Opfer müssen auf Urteil warten

Höxter (WB). Vor mehr als zwei Jahren ist auf dem Flugplatz Höxter-Holzminden ein Flugzeug beim Startvorgang verunglückt. Sechs Insassen sind zum Teil schwer verletzt worden. Der damalige Pilot ist wegen fahrlässiger Körperverletzung angeklagt. Gestern sollte endlich der Strafprozess stattfinden, auf den die Opfer nun schon so lange warten. Doch es kam anders.

Ingo Schmitz

Am 21. Oktober 2012 ist beim Starten zu einem Rundflug diese Maschine am Flugplatz Höxter-Holzminden mit sechs Insassen abgestürzt. Gestern sollte sich der Pilot vor Gericht verantworten Foto: Harald Iding

15 Zeugen sind über den Vormittag verteilt geladen. Darunter sind Insassen der Maschine, Vertreter der Schützengilde Höxter (die die Rundflüge verlost hat), maßgebliche Mitglieder des damaligen Betreibervereins des Flugplatzes, Augenzeugen sowie Helfer, die als erstes am Unglücksort waren.

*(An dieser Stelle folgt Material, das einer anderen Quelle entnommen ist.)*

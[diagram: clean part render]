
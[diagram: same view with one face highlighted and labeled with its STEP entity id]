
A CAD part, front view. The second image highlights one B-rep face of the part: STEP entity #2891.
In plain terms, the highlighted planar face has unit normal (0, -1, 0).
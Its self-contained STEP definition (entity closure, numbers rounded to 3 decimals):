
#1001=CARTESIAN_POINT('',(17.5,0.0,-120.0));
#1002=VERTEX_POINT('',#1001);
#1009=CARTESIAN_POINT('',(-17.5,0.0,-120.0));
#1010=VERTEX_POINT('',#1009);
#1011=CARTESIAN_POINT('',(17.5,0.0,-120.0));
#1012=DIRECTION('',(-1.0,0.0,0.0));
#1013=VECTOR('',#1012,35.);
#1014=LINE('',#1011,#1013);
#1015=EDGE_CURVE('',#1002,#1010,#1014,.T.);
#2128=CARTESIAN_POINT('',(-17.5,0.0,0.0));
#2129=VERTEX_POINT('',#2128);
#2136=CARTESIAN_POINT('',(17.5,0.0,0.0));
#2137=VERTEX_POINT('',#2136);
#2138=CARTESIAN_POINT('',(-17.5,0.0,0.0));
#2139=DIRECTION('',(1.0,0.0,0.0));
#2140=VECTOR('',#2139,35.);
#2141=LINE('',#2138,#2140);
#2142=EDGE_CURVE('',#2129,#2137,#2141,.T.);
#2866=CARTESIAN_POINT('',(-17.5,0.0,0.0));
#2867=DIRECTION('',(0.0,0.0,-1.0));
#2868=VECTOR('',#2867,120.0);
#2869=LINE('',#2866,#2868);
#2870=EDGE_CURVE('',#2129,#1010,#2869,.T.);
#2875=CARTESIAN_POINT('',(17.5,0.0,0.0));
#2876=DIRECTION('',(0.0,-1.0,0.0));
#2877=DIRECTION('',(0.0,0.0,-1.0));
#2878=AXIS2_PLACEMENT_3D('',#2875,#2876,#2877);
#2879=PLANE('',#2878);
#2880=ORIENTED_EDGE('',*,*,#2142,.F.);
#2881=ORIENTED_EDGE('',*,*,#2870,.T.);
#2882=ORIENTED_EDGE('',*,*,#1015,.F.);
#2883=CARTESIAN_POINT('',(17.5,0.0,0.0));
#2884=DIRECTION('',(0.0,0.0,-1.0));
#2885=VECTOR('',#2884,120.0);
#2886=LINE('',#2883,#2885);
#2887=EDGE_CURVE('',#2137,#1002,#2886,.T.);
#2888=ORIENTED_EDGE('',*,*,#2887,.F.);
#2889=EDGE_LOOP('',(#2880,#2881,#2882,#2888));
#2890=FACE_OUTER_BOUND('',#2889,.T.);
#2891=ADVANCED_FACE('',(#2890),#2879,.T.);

Auch ein Sachverständiger ist im Gerichtssaal. Er hat das Flugunglück im Auftrag der Staatsanwaltschaft untersucht und die Ursache erforscht. Drei Rechtsanwälte – zum Teil weit angereist – sind da, sowie zwei Opfer, die als Nebenkläger in diesem Verfahren zugelassen sind. Auch der Angeklagte nimmt Platz. Doch die Verhandlung hat nicht einmal begonnen, da ist sie auch schon vorbei. »Vertagt!«, lautet die Entscheidung von Christina Brüning, Richterin am Amtsgericht Höxter.

Zuvor hatte sich folgendes ereignet: Zum Auftakt des Prozesstages betritt der Direktor des Amtsgerichts, Dr. Ulrich Thewes, den Saal. Es liege ein Befangenheitsantrag vor, erklärt er. Wie später deutlich wird, richtet sich der Antrag wohl gegen die Richterin – gestellt von Rechtsanwalt Rainer Frank aus Hamburg, der den Piloten verteidigt. Der Hamburger Jurist ist nach eigenen Worten Spezialist für Luftrecht und Flugunfälle. Er vertritt die Ansicht, dass das Programm, das die Richterin für den Verhandlungstag festgelegt hat, nicht zu schaffen ist. »Allein die Vorbereitung für das Plädoyer wird einige Zeit brauchen«, erläutert der Anwalt wenig später seine Bedenken.

Richterin Brüning hält ihm entgegen, dass manche Zeugenvernehmungen wohl nicht lange dauern werden. Die Beteiligung des Schützenvereins und des Luftsportvereins an diesem Unglück seien für sie Randerscheinungen, erklärt die Richterin. Sie weist den Befangenheitsantrag ab.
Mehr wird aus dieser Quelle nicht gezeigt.